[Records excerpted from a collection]
__________
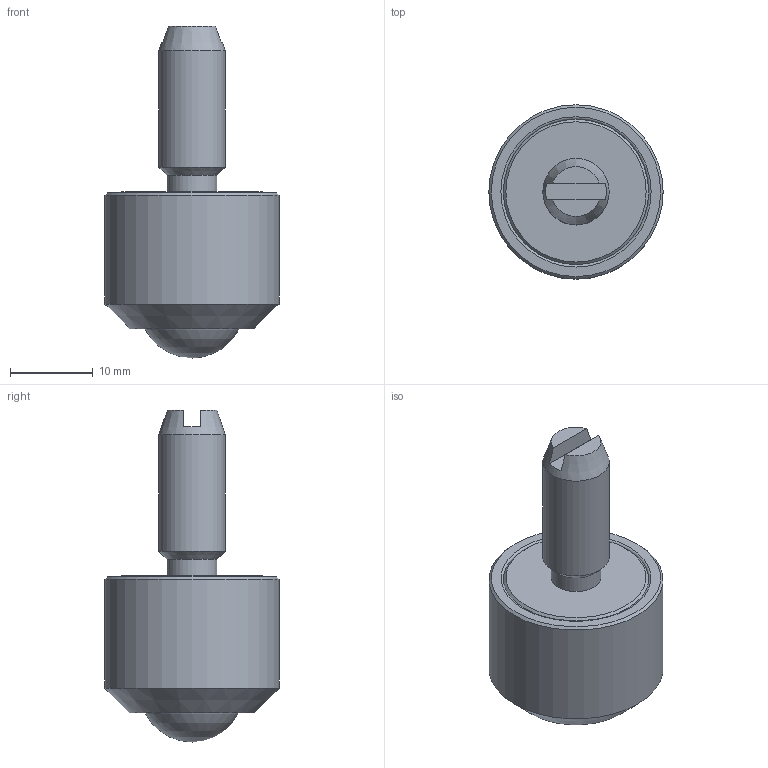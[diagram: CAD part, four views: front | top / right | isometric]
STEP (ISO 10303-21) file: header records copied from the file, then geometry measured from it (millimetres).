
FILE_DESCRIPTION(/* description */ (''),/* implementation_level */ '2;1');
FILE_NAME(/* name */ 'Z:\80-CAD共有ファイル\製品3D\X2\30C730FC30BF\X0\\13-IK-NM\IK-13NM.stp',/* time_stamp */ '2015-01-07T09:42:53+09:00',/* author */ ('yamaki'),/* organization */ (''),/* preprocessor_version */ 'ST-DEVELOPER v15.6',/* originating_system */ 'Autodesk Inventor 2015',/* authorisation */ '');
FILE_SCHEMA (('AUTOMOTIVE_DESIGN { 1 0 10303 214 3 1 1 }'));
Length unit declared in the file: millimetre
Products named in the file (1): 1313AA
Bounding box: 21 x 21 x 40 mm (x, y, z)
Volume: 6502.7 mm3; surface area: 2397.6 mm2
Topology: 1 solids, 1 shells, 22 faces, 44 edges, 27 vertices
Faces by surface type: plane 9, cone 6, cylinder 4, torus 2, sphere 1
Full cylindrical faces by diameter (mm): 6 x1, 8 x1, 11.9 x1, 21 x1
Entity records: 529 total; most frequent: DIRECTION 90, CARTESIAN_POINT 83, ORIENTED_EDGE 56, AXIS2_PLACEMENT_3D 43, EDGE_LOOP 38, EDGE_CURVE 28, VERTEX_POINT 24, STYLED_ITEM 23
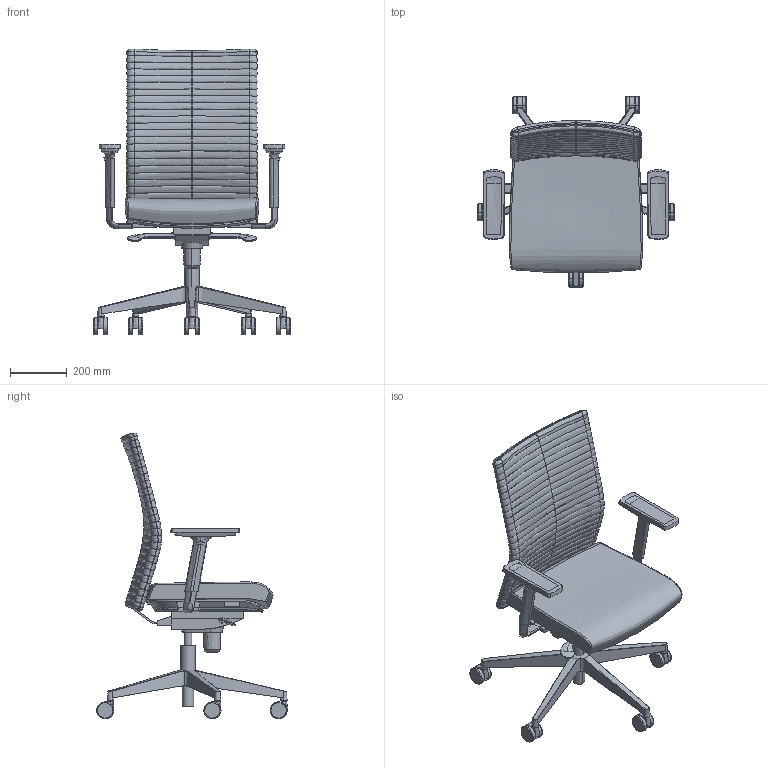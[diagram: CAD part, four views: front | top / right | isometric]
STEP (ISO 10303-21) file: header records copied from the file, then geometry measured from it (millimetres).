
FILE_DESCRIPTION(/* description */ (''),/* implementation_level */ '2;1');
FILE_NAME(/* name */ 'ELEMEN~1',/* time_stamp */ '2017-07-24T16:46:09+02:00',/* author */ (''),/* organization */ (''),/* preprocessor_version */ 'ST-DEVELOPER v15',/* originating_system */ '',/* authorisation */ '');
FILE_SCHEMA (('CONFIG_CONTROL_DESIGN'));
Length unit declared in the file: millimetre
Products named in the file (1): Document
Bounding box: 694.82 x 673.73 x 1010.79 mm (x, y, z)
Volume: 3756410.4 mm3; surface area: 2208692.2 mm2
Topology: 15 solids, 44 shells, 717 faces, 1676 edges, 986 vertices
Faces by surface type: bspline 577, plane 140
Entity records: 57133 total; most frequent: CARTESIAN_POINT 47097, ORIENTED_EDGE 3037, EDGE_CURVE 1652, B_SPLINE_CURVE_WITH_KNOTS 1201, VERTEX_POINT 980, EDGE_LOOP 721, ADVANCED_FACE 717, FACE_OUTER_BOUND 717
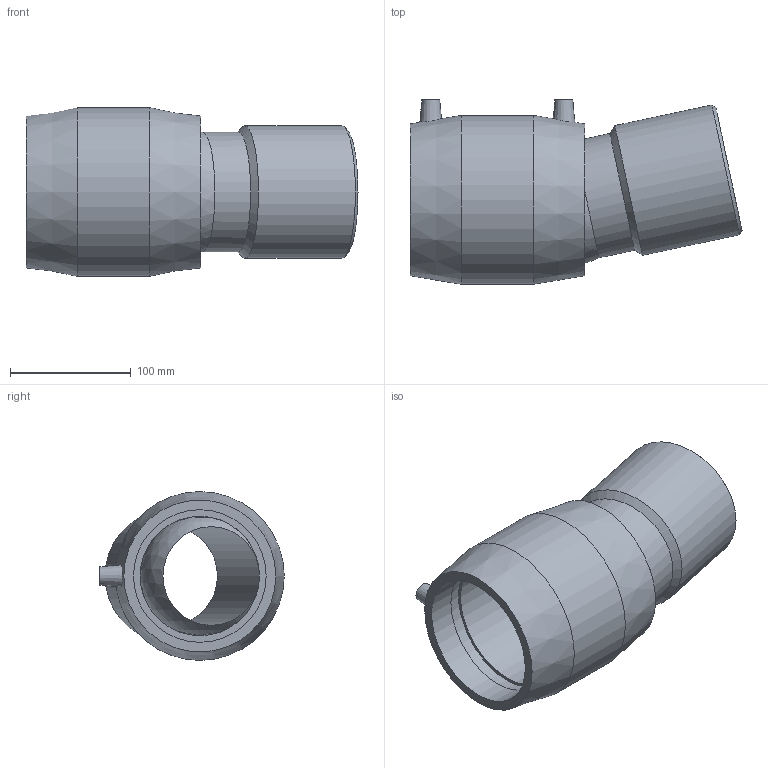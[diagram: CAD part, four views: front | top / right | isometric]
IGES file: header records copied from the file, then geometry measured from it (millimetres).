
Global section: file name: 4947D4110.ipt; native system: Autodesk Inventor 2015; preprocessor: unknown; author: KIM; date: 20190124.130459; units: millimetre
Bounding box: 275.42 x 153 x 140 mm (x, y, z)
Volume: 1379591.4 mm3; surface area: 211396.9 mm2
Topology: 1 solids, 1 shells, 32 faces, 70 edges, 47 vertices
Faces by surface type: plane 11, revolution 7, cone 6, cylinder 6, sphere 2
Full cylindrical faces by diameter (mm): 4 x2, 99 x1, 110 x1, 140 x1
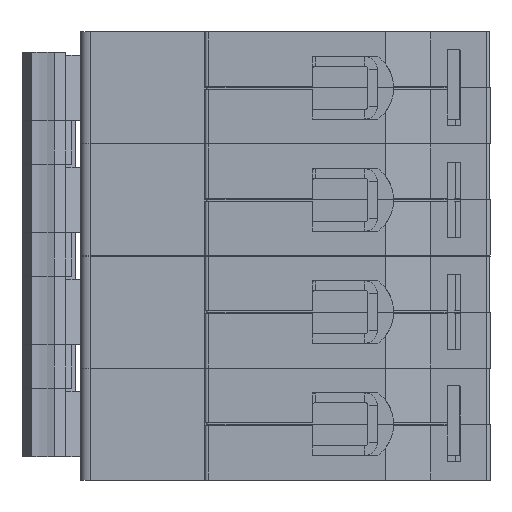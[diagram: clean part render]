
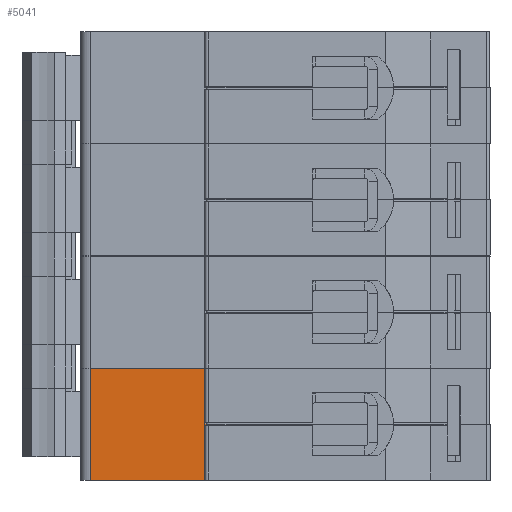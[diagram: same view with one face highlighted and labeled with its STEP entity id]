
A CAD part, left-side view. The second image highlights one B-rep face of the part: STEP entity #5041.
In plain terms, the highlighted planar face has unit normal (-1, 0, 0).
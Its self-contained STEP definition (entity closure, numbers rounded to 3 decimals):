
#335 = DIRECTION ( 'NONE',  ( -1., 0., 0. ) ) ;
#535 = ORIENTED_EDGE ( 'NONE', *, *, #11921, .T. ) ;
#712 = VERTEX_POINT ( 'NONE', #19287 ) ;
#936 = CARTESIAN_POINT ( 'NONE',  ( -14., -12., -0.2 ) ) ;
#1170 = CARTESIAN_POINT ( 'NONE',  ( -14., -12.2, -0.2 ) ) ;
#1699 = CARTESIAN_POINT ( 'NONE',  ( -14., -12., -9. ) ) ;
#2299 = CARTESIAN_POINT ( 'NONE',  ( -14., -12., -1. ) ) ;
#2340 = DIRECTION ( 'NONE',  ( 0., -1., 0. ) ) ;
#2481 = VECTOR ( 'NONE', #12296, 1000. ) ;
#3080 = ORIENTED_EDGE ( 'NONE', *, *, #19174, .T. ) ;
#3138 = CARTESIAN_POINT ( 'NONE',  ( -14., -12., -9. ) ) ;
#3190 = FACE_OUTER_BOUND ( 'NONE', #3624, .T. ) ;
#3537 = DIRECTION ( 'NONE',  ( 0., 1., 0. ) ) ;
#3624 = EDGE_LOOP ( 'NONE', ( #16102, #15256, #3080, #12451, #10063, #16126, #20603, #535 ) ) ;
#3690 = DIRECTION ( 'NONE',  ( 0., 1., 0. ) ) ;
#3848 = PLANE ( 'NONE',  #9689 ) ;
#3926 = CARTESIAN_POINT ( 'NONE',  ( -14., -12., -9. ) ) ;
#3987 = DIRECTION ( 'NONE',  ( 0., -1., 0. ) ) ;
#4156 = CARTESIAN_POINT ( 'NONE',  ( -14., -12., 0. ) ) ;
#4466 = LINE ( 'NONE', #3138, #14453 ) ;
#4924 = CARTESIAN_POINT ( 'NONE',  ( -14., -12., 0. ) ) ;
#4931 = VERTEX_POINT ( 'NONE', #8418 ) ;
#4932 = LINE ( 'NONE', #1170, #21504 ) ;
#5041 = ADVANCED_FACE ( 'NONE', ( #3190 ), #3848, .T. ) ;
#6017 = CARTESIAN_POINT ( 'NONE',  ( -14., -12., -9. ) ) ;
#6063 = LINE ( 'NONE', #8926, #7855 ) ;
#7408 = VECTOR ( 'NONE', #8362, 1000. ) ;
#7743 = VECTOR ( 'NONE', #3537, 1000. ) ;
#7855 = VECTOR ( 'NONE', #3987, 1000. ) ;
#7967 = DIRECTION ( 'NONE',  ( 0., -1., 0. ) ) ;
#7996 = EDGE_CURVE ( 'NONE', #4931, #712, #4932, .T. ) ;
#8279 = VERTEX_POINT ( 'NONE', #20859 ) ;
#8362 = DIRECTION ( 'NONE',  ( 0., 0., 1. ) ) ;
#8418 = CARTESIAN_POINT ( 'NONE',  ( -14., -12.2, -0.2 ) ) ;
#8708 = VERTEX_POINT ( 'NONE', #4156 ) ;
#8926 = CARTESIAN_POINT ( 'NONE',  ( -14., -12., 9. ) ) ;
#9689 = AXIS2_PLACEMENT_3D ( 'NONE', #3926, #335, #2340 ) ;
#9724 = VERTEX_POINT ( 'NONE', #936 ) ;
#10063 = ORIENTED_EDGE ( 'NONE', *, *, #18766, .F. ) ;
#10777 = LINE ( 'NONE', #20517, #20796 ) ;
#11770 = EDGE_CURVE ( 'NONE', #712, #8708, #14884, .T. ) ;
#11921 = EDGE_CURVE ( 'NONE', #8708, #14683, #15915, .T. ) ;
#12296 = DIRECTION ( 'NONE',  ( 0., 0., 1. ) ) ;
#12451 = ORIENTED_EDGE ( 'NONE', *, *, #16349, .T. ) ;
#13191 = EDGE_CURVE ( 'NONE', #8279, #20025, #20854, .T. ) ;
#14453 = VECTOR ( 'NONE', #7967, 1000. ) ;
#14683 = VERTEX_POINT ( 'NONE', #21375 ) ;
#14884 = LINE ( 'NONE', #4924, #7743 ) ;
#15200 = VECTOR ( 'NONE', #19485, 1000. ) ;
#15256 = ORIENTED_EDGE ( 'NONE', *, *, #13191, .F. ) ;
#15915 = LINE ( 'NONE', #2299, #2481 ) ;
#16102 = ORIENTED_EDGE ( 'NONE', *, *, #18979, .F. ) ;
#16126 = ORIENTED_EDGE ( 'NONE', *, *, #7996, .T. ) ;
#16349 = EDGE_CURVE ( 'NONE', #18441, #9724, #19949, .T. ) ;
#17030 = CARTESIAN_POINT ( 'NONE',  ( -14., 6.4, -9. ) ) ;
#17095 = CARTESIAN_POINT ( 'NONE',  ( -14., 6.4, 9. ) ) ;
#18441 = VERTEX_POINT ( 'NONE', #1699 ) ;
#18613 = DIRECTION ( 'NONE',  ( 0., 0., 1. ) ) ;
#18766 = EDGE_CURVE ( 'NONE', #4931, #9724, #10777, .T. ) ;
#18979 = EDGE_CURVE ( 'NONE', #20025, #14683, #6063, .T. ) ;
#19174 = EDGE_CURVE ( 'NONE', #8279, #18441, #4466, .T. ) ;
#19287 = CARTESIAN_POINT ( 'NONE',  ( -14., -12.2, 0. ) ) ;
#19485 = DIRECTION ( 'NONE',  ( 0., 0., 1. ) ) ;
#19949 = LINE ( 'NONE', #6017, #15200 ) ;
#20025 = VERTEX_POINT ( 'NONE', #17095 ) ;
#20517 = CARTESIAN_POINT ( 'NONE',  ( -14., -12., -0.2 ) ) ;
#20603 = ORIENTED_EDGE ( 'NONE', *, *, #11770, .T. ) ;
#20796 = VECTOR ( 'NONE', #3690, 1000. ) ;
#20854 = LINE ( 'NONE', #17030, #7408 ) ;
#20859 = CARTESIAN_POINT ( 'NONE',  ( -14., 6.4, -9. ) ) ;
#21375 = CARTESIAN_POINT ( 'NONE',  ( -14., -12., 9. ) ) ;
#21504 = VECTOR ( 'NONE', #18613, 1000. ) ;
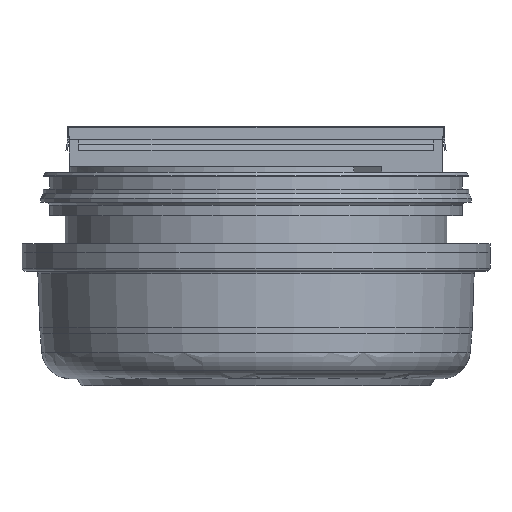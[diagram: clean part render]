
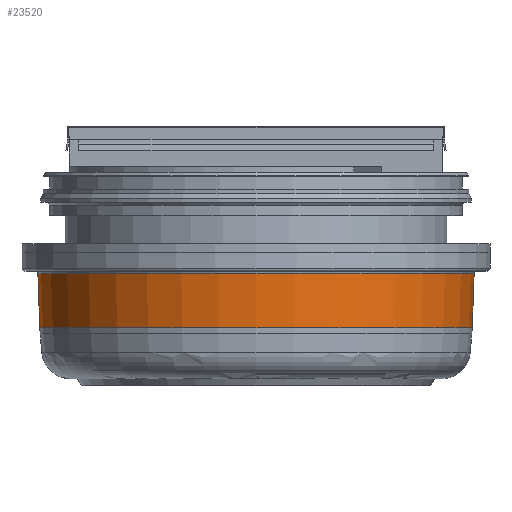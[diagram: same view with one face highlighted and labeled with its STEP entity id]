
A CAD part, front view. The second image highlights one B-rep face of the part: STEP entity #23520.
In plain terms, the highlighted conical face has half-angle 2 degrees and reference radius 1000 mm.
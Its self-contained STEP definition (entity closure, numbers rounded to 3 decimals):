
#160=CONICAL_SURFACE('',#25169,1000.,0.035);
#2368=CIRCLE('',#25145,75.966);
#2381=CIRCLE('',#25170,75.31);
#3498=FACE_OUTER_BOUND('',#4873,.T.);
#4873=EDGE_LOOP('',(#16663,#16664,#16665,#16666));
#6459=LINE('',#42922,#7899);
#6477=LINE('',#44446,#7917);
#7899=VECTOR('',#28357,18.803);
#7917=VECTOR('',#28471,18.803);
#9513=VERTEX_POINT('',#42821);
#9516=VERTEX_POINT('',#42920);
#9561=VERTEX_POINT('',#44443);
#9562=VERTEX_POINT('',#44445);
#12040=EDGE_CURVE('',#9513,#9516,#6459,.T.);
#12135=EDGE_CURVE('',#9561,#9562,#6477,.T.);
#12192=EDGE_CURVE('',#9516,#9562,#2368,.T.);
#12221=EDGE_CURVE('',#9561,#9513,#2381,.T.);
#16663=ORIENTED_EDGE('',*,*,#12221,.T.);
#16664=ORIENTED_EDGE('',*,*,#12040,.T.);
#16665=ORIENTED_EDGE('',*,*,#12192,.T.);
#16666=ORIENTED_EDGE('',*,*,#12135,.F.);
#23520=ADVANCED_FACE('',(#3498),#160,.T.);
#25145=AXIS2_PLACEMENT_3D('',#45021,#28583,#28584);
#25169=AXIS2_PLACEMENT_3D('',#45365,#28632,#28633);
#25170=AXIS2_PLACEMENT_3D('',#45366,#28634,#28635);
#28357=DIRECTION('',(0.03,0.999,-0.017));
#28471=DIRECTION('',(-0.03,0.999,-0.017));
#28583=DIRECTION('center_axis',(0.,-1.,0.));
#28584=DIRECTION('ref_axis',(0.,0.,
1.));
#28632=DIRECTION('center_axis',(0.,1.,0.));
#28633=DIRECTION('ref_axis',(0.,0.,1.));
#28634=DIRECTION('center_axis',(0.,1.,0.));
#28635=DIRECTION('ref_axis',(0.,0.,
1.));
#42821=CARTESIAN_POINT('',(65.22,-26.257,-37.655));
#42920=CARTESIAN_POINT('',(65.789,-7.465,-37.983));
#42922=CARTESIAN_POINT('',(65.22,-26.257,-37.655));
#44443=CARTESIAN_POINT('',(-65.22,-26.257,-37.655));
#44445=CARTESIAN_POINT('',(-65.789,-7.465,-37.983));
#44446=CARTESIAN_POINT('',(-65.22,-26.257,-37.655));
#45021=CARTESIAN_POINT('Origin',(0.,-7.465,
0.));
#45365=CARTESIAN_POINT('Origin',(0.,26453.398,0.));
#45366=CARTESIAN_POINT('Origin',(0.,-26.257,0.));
__________
-- INSTRUCTIONS FOR THE TASK --
Read the records above. Show each line that has the string "Bounding".

-- TASK RESPONSE --
Bounding box: 21 x 21 x 40 mm (x, y, z)
Bounding box: 694.82 x 673.73 x 1010.79 mm (x, y, z)
Bounding box: 275.42 x 153 x 140 mm (x, y, z)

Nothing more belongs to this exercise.